The week ahead: ECB; Airbnb IPO; Ocado, Rolls-Royce results

Watch our week ahead video preview, read our pick of the top stories to look out for this week (7-11 December), and view our key company earnings schedule.

Michael looks back at this week’s price action in the FTSE 100, S&P 500, EUR/USD and GBP/USD, as well as ahead to a possible EU-UK trade deal, the ECB rate meeting, China trade balance, plus Airbnb IPO, and Rolls-Royce Q3 update. He also looks at some key levels on crude oil, gold prices and the US dollar.

China trade balance (November)

Monday: The most recent China trade numbers continued the improvement that began in September, when imports rose 13.2% to their best levels this year. In October, this slowed a little but was still positive, rising 4.7%, half of the 9.5% that was expected. This was a little disappointing, however given the strength of recent PMI data, it seems likely that barring a second wave of coronavirus, China is set for a strong finish to the year. Exports have continued to do well in recent months, largely as a result of strong demand for medical PPE. There’s been a big improvement in Chinese domestic demand over the last couple of months, and this trend should be reflected in the November trade data. Particular attention will be on the import numbers, especially given that Golden Week happened in the first part of November, and recent data has shown that the services PMI has been a strong performer.

Ted Baker half-year results

Monday: When the clothing retailer announced in June that it was looking to raise over £100m at a discounted price of 75p, the Ted Baker share price tumbled, as the new management looked to rescue a business that’s fortunes have imploded spectacularly in recent years. In March 2018, the shares were up at over £30 each, however a raft of profit warnings, the departure of founder Ray Kelvin in controversial circumstances, and various stock accounting errors, have seen the shares fall sharply. Earlier this year, Ted Baker sold and leased back its head office in London for £78.75m, with £72m of that cash used to pay down debts. 

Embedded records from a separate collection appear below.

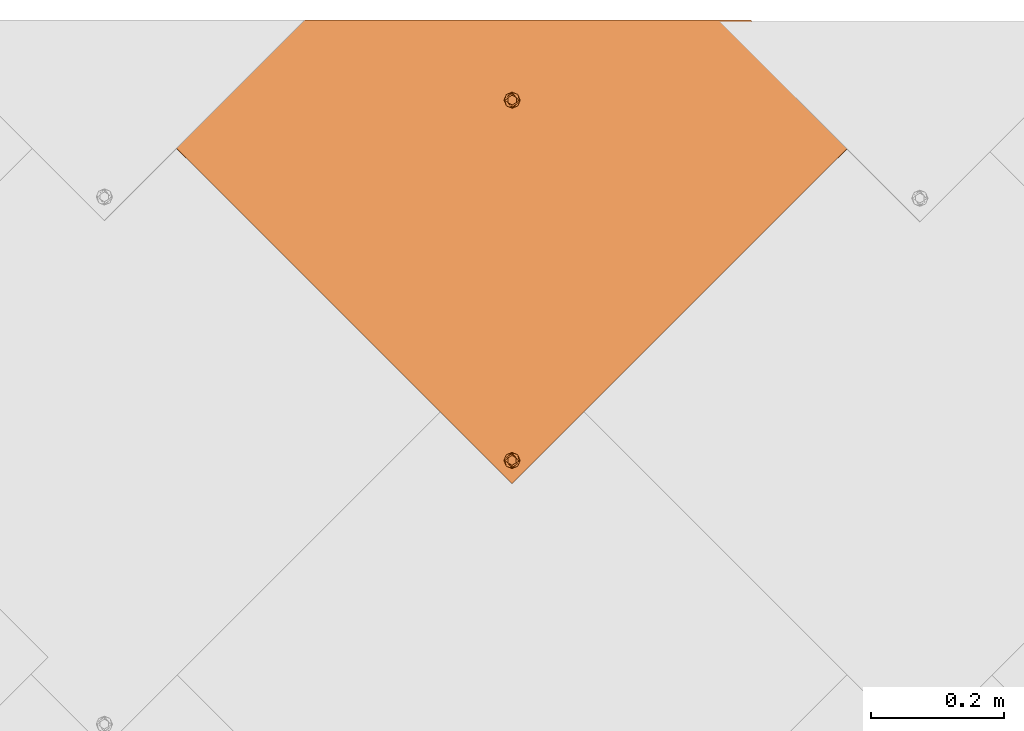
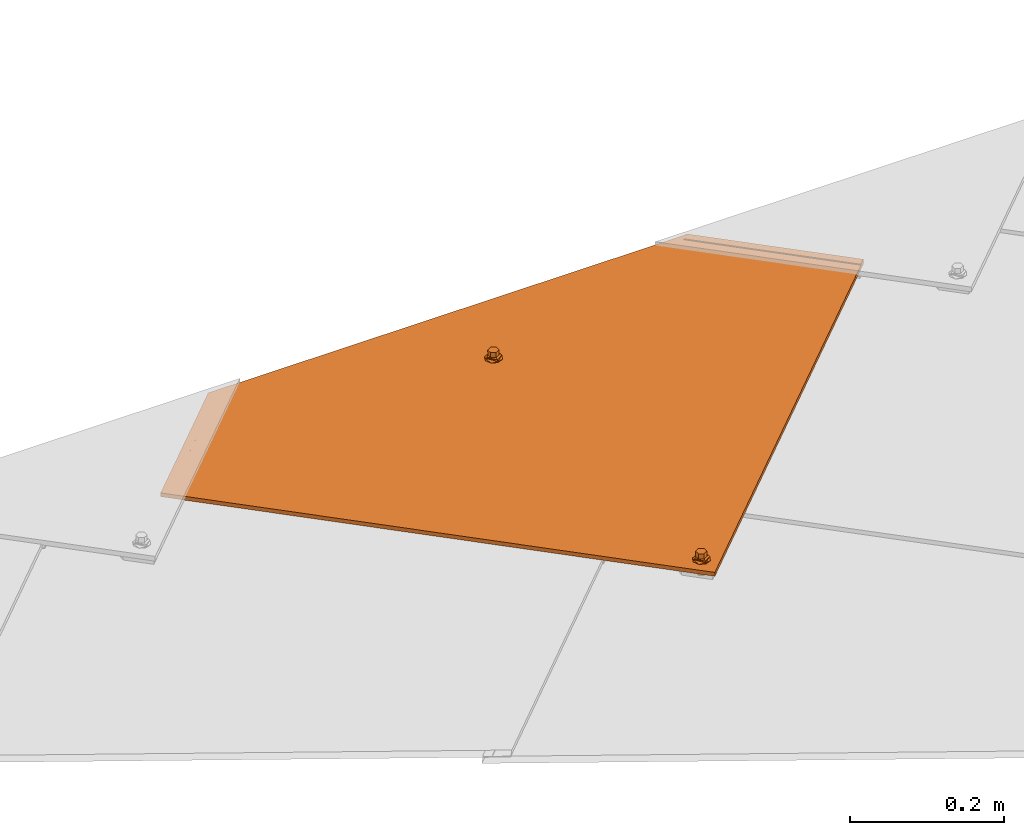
# One storey, part 78 of 133: 1 proxy.
"""IFC2X3 building model written with IfcOpenShell, lengths in millimetres."""

from ifc_helpers import new_model, entity, si_unit, converted_unit, derived_unit, direction, frame, origin, place, context, subcontext, project, spatial, faceted_brep, source, transform, mapped, material, material_list, type_object, type_shapes, element, save


model = new_model("IFC2X3")

# Units and contexts
model_context = context("Model", 3, precision=0.01, world=origin(), true_north=direction((6.12303176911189e-17, 1.0)))
body_context = subcontext(model_context, "Body", "Model", "MODEL_VIEW")
ifc_project = project(units=[si_unit("LENGTHUNIT", "METRE", prefix="MILLI"), si_unit("AREAUNIT", "SQUARE_METRE"), si_unit("VOLUMEUNIT", "CUBIC_METRE"), converted_unit("PLANEANGLEUNIT", "DEGREE", entity("IfcRatioMeasure", 0.0174532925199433), si_unit("PLANEANGLEUNIT", "RADIAN"), dimensions=[0, 0, 0, 0, 0, 0, 0]), si_unit("MASSUNIT", "GRAM", prefix="KILO"), derived_unit("MASSDENSITYUNIT", [(si_unit("MASSUNIT", "GRAM", prefix="KILO"), 1), (si_unit("LENGTHUNIT", "METRE"), -3)]), si_unit("TIMEUNIT", "SECOND"), si_unit("FREQUENCYUNIT", "HERTZ"), si_unit("THERMODYNAMICTEMPERATUREUNIT", "DEGREE_CELSIUS"), derived_unit("THERMALTRANSMITTANCEUNIT", [(si_unit("MASSUNIT", "GRAM", prefix="KILO"), 1), (si_unit("THERMODYNAMICTEMPERATUREUNIT", "KELVIN"), -1), (si_unit("TIMEUNIT", "SECOND"), -3)]), derived_unit("VOLUMETRICFLOWRATEUNIT", [(si_unit("LENGTHUNIT", "METRE"), 3), (si_unit("TIMEUNIT", "SECOND"), -1)]), si_unit("ELECTRICCURRENTUNIT", "AMPERE"), si_unit("ELECTRICVOLTAGEUNIT", "VOLT"), si_unit("POWERUNIT", "WATT"), si_unit("FORCEUNIT", "NEWTON", prefix="KILO"), si_unit("ILLUMINANCEUNIT", "LUX"), si_unit("LUMINOUSFLUXUNIT", "LUMEN"), si_unit("LUMINOUSINTENSITYUNIT", "CANDELA"), derived_unit("USERDEFINED", [(si_unit("MASSUNIT", "GRAM", prefix="KILO"), -1), (si_unit("LENGTHUNIT", "METRE"), -2), (si_unit("TIMEUNIT", "SECOND"), 3), (si_unit("LUMINOUSFLUXUNIT", "LUMEN"), 1)]), derived_unit("LINEARVELOCITYUNIT", [(si_unit("LENGTHUNIT", "METRE"), 1), (si_unit("TIMEUNIT", "SECOND"), -1)]), si_unit("PRESSUREUNIT", "PASCAL"), derived_unit("USERDEFINED", [(si_unit("LENGTHUNIT", "METRE"), -2), (si_unit("MASSUNIT", "GRAM", prefix="KILO"), 1), (si_unit("TIMEUNIT", "SECOND"), -2)])], contexts=[model_context])

# Site, building, storey
site_placement = place(None, origin())
site = spatial("IfcSite", under=ifc_project, at=site_placement, Name="Default", CompositionType="ELEMENT")
building_placement = place(site_placement, origin())
building = spatial("IfcBuilding", under=site, at=building_placement, CompositionType="ELEMENT")
storey_placement = place(building_placement, origin())
storey = spatial("IfcBuildingStorey", under=building, at=storey_placement, Name="Level 1", CompositionType="ELEMENT", Elevation=0.0)

# Proxy
ifc_material_1 = material(Name="Rubber - Sunstyle - Black")
ifc_material_2 = material(Name="Glass - Sunstyle - Tainted Black")
ifc_material_list_1 = material_list([ifc_material_1, ifc_material_2])
ifc_material_list_2 = material_list([ifc_material_1, ifc_material_2])
building_element_proxy_type = type_object("IfcBuildingElementProxyType", Name="Shingle Top - Black", PredefinedType="NOTDEFINED", material=ifc_material_list_2)
shared_shape = source(origin(), body_context, "Body", "Brep", [
    faceted_brep([(-518.396436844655, -96.9865733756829, 16.4476231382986), (-518.396436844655, -96.9614556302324, 17.9474128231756), (-526.881123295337, -88.4767691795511, 17.8053154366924), (-526.881123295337, -88.5018869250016, 16.3055257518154), (-376.996804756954, 61.3404039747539, 13.7960402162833), (-368.512118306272, 52.8557175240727, 13.9381376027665), (-376.996804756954, 61.3655217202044, 15.2958299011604), (-368.512118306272, 52.8808352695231, 15.4379272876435)], [[[0, 1, 2, 3]], [[0, 3, 4, 5]], [[3, 2, 6, 4]], [[2, 1, 7, 6]], [[1, 0, 5, 7]], [[5, 4, 6, 7]]]),
    faceted_brep([(0.166366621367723, -33.6374645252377, -4.47296585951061), (-5.6078362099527, -36.9707346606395, -4.4171418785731), (-5.60783620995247, -36.6024255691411, 17.5747274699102), (0.166366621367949, -33.2691554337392, 17.5189034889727), (-5.60783620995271, -43.6372749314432, -4.30549391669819), (-5.60783620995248, -43.2689658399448, 17.6863754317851), (0.166366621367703, -46.9705450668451, -4.24966993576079), (0.166366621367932, -46.6022359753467, 17.7421994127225), (5.94056945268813, -43.6372749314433, -4.30549391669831), (5.94056945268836, -43.2689658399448, 17.686375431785), (5.94056945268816, -36.9707346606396, -4.41714187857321), (5.94056945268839, -36.6024255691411, 17.5747274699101), (-8.43733754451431, -48.5381935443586, 17.774621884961), (0.16636662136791, -52.1014648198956, 17.8342978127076), (-12.0011084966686, -39.9356957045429, 17.6305514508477), (-8.43733754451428, -31.3331978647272, 17.4864810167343), (0.166366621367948, -27.7699265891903, 17.4268050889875), (8.77007078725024, -31.3331978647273, 17.4864810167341), (12.3338417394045, -39.935695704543, 17.6305514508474), (8.77007078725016, -48.5381935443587, 17.7746218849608), (-11.1578780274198, -37.6406185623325, 19.9433933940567), (-9.59010793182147, -39.8646808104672, 21.8708760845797), (0.166366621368, -32.5516055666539, 22.5035764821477), (0.166366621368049, -31.3111079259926, 21.9232298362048), (0.166366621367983, -29.1535570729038, 20.9138547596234), (0.166366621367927, -51.5454208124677, 19.1093557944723), (0.166366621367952, -50.6018442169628, 21.273060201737), (0.166366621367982, -47.1524685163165, 22.7481046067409), (0.166366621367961, -28.2829626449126, 18.7197675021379), (-6.15687907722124, -43.5022527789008, 22.6869725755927), (-6.15687907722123, -36.2018213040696, 22.5647085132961), (11.4906112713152, -42.1520387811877, 20.0189484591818), (10.0152467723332, -40.9390872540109, 21.7920079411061), (6.48961231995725, -36.2018213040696, 22.564708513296), (6.48961231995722, -43.5022527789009, 22.6869725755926), (-6.15687907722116, -43.3682243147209, 30.68986075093), (0.166366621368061, -47.0184400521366, 30.7509927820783), (0.166366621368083, -39.7180085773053, 30.6287287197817), (-6.15687907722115, -36.0677928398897, 30.5675966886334), (6.48961231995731, -43.368224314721, 30.6898607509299), (6.48961231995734, -36.0677928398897, 30.5675966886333), (0.166366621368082, -32.417577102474, 30.5064646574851), (0.166366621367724, -40.3040047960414, -4.36131789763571)], [[[0, 1, 2, 3]], [[1, 4, 5, 2]], [[4, 6, 7, 5]], [[6, 8, 9, 7]], [[8, 10, 11, 9]], [[10, 0, 3, 11]], [[12, 7, 13]], [[7, 12, 5]], [[14, 5, 12]], [[5, 14, 2]], [[15, 2, 14]], [[3, 2, 15]], [[15, 16, 3]], [[16, 17, 3]], [[11, 3, 17]], [[11, 17, 18]], [[9, 11, 18]], [[18, 19, 9]], [[7, 9, 19]], [[19, 13, 7]], [[20, 14, 12]], [[21, 22, 23, 24]], [[24, 20, 21]], [[25, 20, 12]], [[26, 27, 21]], [[15, 14, 20]], [[12, 13, 25]], [[20, 28, 15]], [[28, 20, 24]], [[21, 27, 29]], [[21, 29, 30]], [[26, 21, 20]], [[20, 25, 26]], [[15, 28, 16]], [[21, 30, 22]], [[31, 18, 17]], [[28, 31, 17]], [[32, 27, 26]], [[26, 31, 32]], [[26, 25, 31]], [[25, 19, 31]], [[17, 16, 28]], [[31, 19, 18]], [[24, 31, 28]], [[33, 34, 32]], [[23, 22, 33]], [[24, 32, 31]], [[27, 32, 34]], [[32, 23, 33]], [[19, 25, 13]], [[32, 24, 23]], [[35, 36, 37]], [[37, 38, 35]], [[36, 39, 37]], [[40, 37, 39]], [[37, 40, 41]], [[37, 41, 38]], [[42, 6, 4]], [[4, 1, 42]], [[1, 0, 42]], [[42, 8, 6]], [[0, 10, 42]], [[8, 42, 10]], [[22, 30, 38, 41]], [[30, 29, 35, 38]], [[29, 27, 36, 35]], [[27, 34, 39, 36]], [[34, 33, 40, 39]], [[33, 22, 41, 40]]]),
    faceted_brep([(0.0, -573.927138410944, 4.00636906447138), (-5.77420283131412, -577.260408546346, 4.0621930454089), (-5.77420283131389, -576.892099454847, 26.0540623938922), (0.0, -573.558829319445, 25.9982384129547), (-5.77420283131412, -583.926948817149, 4.1738410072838), (-5.7742028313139, -583.558639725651, 26.1657103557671), (0.0, -587.260218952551, 4.2296649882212), (0.0, -586.891909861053, 26.2215343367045), (5.77420283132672, -583.926948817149, 4.17384100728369), (5.77420283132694, -583.558639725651, 26.165710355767), (5.77420283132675, -577.260408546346, 4.06219304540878), (5.77420283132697, -576.892099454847, 26.0540623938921), (-8.60370416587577, -588.827867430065, 26.253956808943), (0.0, -592.391138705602, 26.3136327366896), (-12.1674751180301, -580.225369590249, 26.1098863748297), (-8.60370416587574, -571.622871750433, 25.9658159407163), (0.0, -568.059600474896, 25.9061400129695), (8.60370416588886, -571.622871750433, 25.9658159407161), (12.1674751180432, -580.225369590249, 26.1098863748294), (8.60370416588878, -588.827867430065, 26.2539568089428), (-11.3242446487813, -577.930292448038, 28.4227283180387), (-9.75647455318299, -580.154354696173, 30.3502110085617), (0.0, -572.84127945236, 30.9829114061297), (0.0, -571.600781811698, 30.4025647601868), (0.0, -569.44323095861, 29.3931896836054), (0.0, -591.835094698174, 27.5886907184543), (0.0, -590.891518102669, 29.752395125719), (0.0, -587.442142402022, 31.227439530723), (0.0, -568.572636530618, 27.1991024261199), (-6.32324569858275, -583.791926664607, 31.1663074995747), (-6.32324569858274, -576.491495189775, 31.0440434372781), (11.3242446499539, -582.441712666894, 28.4982833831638), (9.84888015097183, -581.228761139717, 30.2713428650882), (6.32324569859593, -576.491495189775, 31.044043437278), (6.32324569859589, -583.791926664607, 31.1663074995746), (-6.32324569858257, -583.657898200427, 39.169195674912), (0.0, -587.308113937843, 39.2303277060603), (0.0, -580.007682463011, 39.1080636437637), (-6.32324569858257, -576.357466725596, 39.0469316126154), (6.32324569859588, -583.657898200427, 39.1691956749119), (6.32324569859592, -576.357466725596, 39.0469316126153), (0.0, -572.70725098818, 38.9857995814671), (0.0, -580.593678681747, 4.11801702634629)], [[[0, 1, 2, 3]], [[1, 4, 5, 2]], [[4, 6, 7, 5]], [[6, 8, 9, 7]], [[8, 10, 11, 9]], [[10, 0, 3, 11]], [[12, 7, 13]], [[7, 12, 5]], [[14, 5, 12]], [[5, 14, 2]], [[15, 2, 14]], [[3, 2, 15]], [[15, 16, 3]], [[16, 17, 3]], [[11, 3, 17]], [[11, 17, 18]], [[9, 11, 18]], [[18, 19, 9]], [[7, 9, 19]], [[19, 13, 7]], [[20, 14, 12]], [[21, 22, 23, 24]], [[24, 20, 21]], [[25, 20, 12]], [[26, 27, 21]], [[15, 14, 20]], [[12, 13, 25]], [[20, 28, 15]], [[28, 20, 24]], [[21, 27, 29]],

Ted Baker has an uphill struggle in the current retail environment, however underlying profits in the last fiscal year did come in at £4.8m, despite various writedowns, while total revenue fell 1.4% to £630.5m. Gross margins are also above 50% at 55.6% as per its last annual report. On the plus side, Ted Baker’s store footprint is much narrower than a lot of its peers, and the business rates holiday will also help on the margins, while the company’s collaboration with Next has expanded beyond children’s clothes, to include lingerie and nightwear from May 2021. Its e-commerce business has been a bright spot, with a 35% year-on-year rise when it reported in July. New CEO Rachel Osborne seems to be very aware that digital is the way forward, and Monday’s first-half results are likely to be a decent arbiter of progress.

Brown-Forman Q2 results 

Tuesday: It appears that peoples taste for Jack Daniel’s whiskey, as well as its new Tennessee Apple brand, has helped the Brown-Forman share price to continue to reach new heights over the past month. At the end of last year, the US market saw the best performance, with a net sales rise of 5%, and this outperformance continued in Q1 with US sales rising 3%. International markets also improved, rising 13%, however emerging markets dropped 20%. The wine and spirits giant pulled its guidance initially in the wake of the Covid-19 disruption. In July, the company paid a quarterly cash dividend of $0.1743 a share, and said it expects to be able to continue to do so, keeping intact a record of payouts dating back 75 years. Q2 profits are expected to come in at $0.50 a share.

Airbnb IPO 

Wednesday: After months of speculation, Airbnb looks set to pull the trigger on an IPO on 9 December, to start trading on 10 December, with a valuation expected to be in the region of $35bn. The timing appears curious given the huge hit to the travel sector as a result of the Covid-19 pandemic, and the fact that Airbnb;s revenue has fallen sharply from the levels seen in 2018 and 2019. The likelihood is that they could take some time to bounce back, even with all of the recent optimism over a Covid-19 vaccine.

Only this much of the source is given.